A further thought on that home electrolyser.
I dissed its stupidity for turning electricity into hydrogen into electricity. However, they tell us some of it can be used directly for cooking.
At present, when we cook with gas we are actually cooking with hydrogen. Natural gas is essentially methane; CH4, carbon and hydrogen. In burning it we combust the hydrogen and the carbon reacts with atmospheric oxygen to form CO2.
Manufacturing hydrogen from natural gas emits 9.1kg CO2 per kilo of hydrogen(1). So if cooking with gas is a way of splitting hydrogen from carbon, it seems reasonable to presume that we emit about the same when we cook with gas.

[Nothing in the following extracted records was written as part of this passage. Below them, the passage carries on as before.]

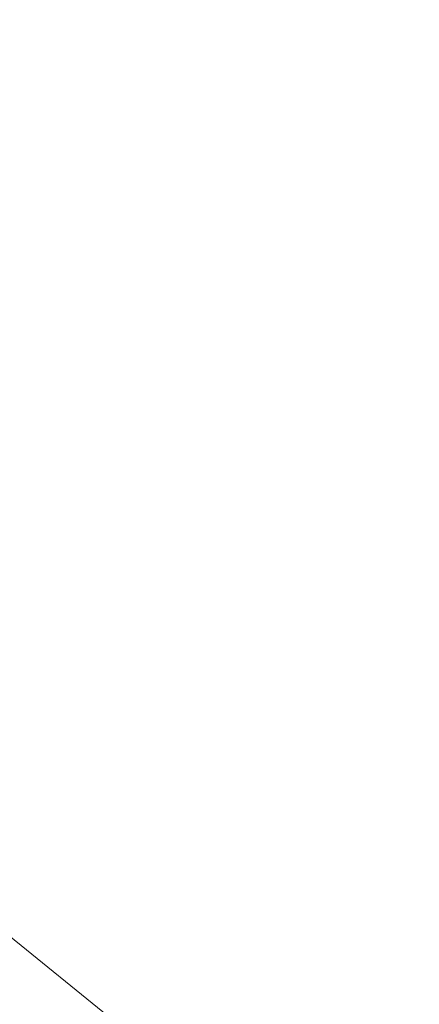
# Model space of a CAD drawing. Header units: feet. Extents: x 2433273 to 2447442, y 555003 to 575201.
# Tile 143 of 226: x 2446698 to 2446845, y 557644 to 558007. Entities that reach past the tile are written whole.
import ezdxf

# ---------------------------------------------------------------- set-up
doc = ezdxf.new("R2010")
doc.units = ezdxf.units.FT
doc.header["$LTSCALE"] = 50
doc.header["$MEASUREMENT"] = 0
doc.layers.add('DV_X_Property_Line', color=7, linetype='Continuous', lineweight=0)
doc.layers.add('SV_X_Text', color=7, linetype='Continuous', lineweight=0)
doc.styles.add('Slanted-Normal LS 0.50_0', font='font31.shx')
doc.dimstyles.new('Dec-0  Slanted', dxfattribs={"dimscale": 50, "dimtxt": 0.14, "dimasz": 0.14, "dimexe": 0.07, "dimexo": 0.07, "dimgap": 0.07, "dimtad": 1, "dimdec": 0, "dimzin": 3, "dimdsep": 46, "dimtxsty": 'Slanted-Normal LS 0.50_0', "dimcen": 0.09, "dimclrd": 97, "dimclre": 97, "dimclrt": 7, "dimadec": 0, "dimazin": 3, "dimtfac": 1, "dimtdec": 0, "dimtofl": 0, "dimtmove": 1, "dimatfit": 1, "dimfxl": 1, "dimtzin": 3, "dimlwd": 0, "dimlwe": 0, "dimarcsym": 0})

msp = doc.modelspace()

# ---------------------------------------------------------------- linework, layer by layer
at = {"layer": 'DV_X_Property_Line'}
msp.add_line((2446277.34, 558007.16), (2446845.01, 557546.67), dxfattribs=at)

# ---------------------------------------------------------------- leaders
at = {"layer": 'SV_X_Text', "color": 97, "linetype": 'Continuous', "lineweight": 0, "annotation_type": 0, "has_hookline": 1, "hookline_direction": 0, "text_width": 132.83}
msp.add_leader([(2446551.62, 557651.19), (2446571.58, 557659.24), (2446578.58, 557659.24)], dimstyle='Dec-0  Slanted', override={"dimtad": 0, "dimclrd": 0, "dimlwd": 65534}, dxfattribs=at)

doc.saveas('drawing.dxf')

It takes 39kWh of electricity to make 1kg of hydrogen(2).
UK grid emissions are 480g of carbon dioxide per kWh(3).
480gx39 = 18,720g.
By this calculation, if the cooking hydrogen is made from grid electricity, it releases 18.72kg of carbon dioxide per kilo of hydrogen - more than twice the amount of someone cooking with gas.
= = = = = = = =
1. IPCC, Special Report on Carbon Dioxide Capture and Storage, Cambridge University Press, 2005, p131.
2. J. Levene, B. Kroposki, and G. Sverdrup, Wind Energy and Production of Hydrogen and Electricity — Opportunities for Renewable Hydrogen, US National Renewable Energy Laboratory, March 2006, p2.